— Task details —
Repeat every entry word for word; omit all pictures.

** Material for this task follows **

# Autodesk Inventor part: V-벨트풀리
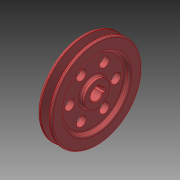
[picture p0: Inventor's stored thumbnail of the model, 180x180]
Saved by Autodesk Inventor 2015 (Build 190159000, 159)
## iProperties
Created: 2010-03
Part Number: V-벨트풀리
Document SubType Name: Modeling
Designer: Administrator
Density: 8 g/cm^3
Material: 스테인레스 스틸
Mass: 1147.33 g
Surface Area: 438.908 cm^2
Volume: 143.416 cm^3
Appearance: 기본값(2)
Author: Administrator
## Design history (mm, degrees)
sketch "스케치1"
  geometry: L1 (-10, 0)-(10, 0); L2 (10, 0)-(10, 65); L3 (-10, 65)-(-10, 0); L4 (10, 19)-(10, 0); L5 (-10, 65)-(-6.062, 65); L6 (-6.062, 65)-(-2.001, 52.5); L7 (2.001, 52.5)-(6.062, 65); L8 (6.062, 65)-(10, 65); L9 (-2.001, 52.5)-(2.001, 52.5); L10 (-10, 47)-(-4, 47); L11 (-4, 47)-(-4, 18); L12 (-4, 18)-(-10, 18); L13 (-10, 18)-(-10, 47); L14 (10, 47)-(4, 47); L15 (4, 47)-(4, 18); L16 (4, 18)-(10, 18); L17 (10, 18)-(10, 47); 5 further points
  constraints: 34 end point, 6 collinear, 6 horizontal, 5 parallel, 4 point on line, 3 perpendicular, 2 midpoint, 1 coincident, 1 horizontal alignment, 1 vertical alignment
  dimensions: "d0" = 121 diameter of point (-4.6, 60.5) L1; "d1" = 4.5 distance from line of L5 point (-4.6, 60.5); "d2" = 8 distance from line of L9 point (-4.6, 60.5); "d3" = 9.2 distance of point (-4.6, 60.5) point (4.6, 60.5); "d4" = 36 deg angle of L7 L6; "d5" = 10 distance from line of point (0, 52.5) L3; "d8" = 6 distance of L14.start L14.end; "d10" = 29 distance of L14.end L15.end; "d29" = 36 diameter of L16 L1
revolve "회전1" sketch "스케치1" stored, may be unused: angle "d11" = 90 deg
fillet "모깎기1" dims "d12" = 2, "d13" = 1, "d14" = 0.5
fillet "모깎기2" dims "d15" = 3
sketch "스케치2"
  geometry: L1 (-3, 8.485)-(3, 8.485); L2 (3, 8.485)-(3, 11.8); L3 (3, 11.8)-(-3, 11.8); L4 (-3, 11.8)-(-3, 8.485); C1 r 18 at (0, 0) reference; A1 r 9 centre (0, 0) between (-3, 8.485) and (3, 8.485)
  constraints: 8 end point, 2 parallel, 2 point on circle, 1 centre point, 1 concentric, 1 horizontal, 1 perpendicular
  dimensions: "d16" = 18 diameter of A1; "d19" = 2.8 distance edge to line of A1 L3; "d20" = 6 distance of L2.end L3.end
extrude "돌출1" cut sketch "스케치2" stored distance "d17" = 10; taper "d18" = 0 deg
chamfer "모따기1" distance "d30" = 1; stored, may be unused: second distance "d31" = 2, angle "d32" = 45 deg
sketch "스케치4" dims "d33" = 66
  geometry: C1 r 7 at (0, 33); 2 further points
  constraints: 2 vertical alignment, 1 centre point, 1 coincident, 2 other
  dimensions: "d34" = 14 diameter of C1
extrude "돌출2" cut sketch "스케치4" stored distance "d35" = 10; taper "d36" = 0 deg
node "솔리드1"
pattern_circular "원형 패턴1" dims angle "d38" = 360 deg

** End of Material for this task **

— Task result —
# Autodesk Inventor part: V-벨트풀리
[picture p0: Inventor's stored thumbnail of the model, 180x180]
Saved by Autodesk Inventor 2015 (Build 190159000, 159)
## iProperties
Created: 2010-03
Part Number: V-벨트풀리
Document SubType Name: Modeling
Designer: Administrator
Density: 8 g/cm^3
Material: 스테인레스 스틸
Mass: 1147.33 g
Surface Area: 438.908 cm^2
Volume: 143.416 cm^3
Appearance: 기본값(2)
Author: Administrator
## Design history (mm, degrees)
sketch "스케치1"
  geometry: L1 (-10, 0)-(10, 0); L2 (10, 0)-(10, 65); L3 (-10, 65)-(-10, 0); L4 (10, 19)-(10, 0); L5 (-10, 65)-(-6.062, 65); L6 (-6.062, 65)-(-2.001, 52.5); L7 (2.001, 52.5)-(6.062, 65); L8 (6.062, 65)-(10, 65); L9 (-2.001, 52.5)-(2.001, 52.5); L10 (-10, 47)-(-4, 47); L11 (-4, 47)-(-4, 18); L12 (-4, 18)-(-10, 18); L13 (-10, 18)-(-10, 47); L14 (10, 47)-(4, 47); L15 (4, 47)-(4, 18); L16 (4, 18)-(10, 18); L17 (10, 18)-(10, 47); 5 further points
  constraints: 34 end point, 6 collinear, 6 horizontal, 5 parallel, 4 point on line, 3 perpendicular, 2 midpoint, 1 coincident, 1 horizontal alignment, 1 vertical alignment
  dimensions: "d0" = 121 diameter of point (-4.6, 60.5) L1; "d1" = 4.5 distance from line of L5 point (-4.6, 60.5); "d2" = 8 distance from line of L9 point (-4.6, 60.5); "d3" = 9.2 distance of point (-4.6, 60.5) point (4.6, 60.5); "d4" = 36 deg angle of L7 L6; "d5" = 10 distance from line of point (0, 52.5) L3; "d8" = 6 distance of L14.start L14.end; "d10" = 29 distance of L14.end L15.end; "d29" = 36 diameter of L16 L1
revolve "회전1" sketch "스케치1" stored, may be unused: angle "d11" = 90 deg
fillet "모깎기1" dims "d12" = 2, "d13" = 1, "d14" = 0.5
fillet "모깎기2" dims "d15" = 3
sketch "스케치2"
  geometry: L1 (-3, 8.485)-(3, 8.485); L2 (3, 8.485)-(3, 11.8); L3 (3, 11.8)-(-3, 11.8); L4 (-3, 11.8)-(-3, 8.485); C1 r 18 at (0, 0) reference; A1 r 9 centre (0, 0) between (-3, 8.485) and (3, 8.485)
  constraints: 8 end point, 2 parallel, 2 point on circle, 1 centre point, 1 concentric, 1 horizontal, 1 perpendicular
  dimensions: "d16" = 18 diameter of A1; "d19" = 2.8 distance edge to line of A1 L3; "d20" = 6 distance of L2.end L3.end
extrude "돌출1" cut sketch "스케치2" stored distance "d17" = 10; taper "d18" = 0 deg
chamfer "모따기1" distance "d30" = 1; stored, may be unused: second distance "d31" = 2, angle "d32" = 45 deg
sketch "스케치4" dims "d33" = 66
  geometry: C1 r 7 at (0, 33); 2 further points
  constraints: 2 vertical alignment, 1 centre point, 1 coincident, 2 other
  dimensions: "d34" = 14 diameter of C1
extrude "돌출2" cut sketch "스케치4" stored distance "d35" = 10; taper "d36" = 0 deg
node "솔리드1"
pattern_circular "원형 패턴1" dims angle "d38" = 360 deg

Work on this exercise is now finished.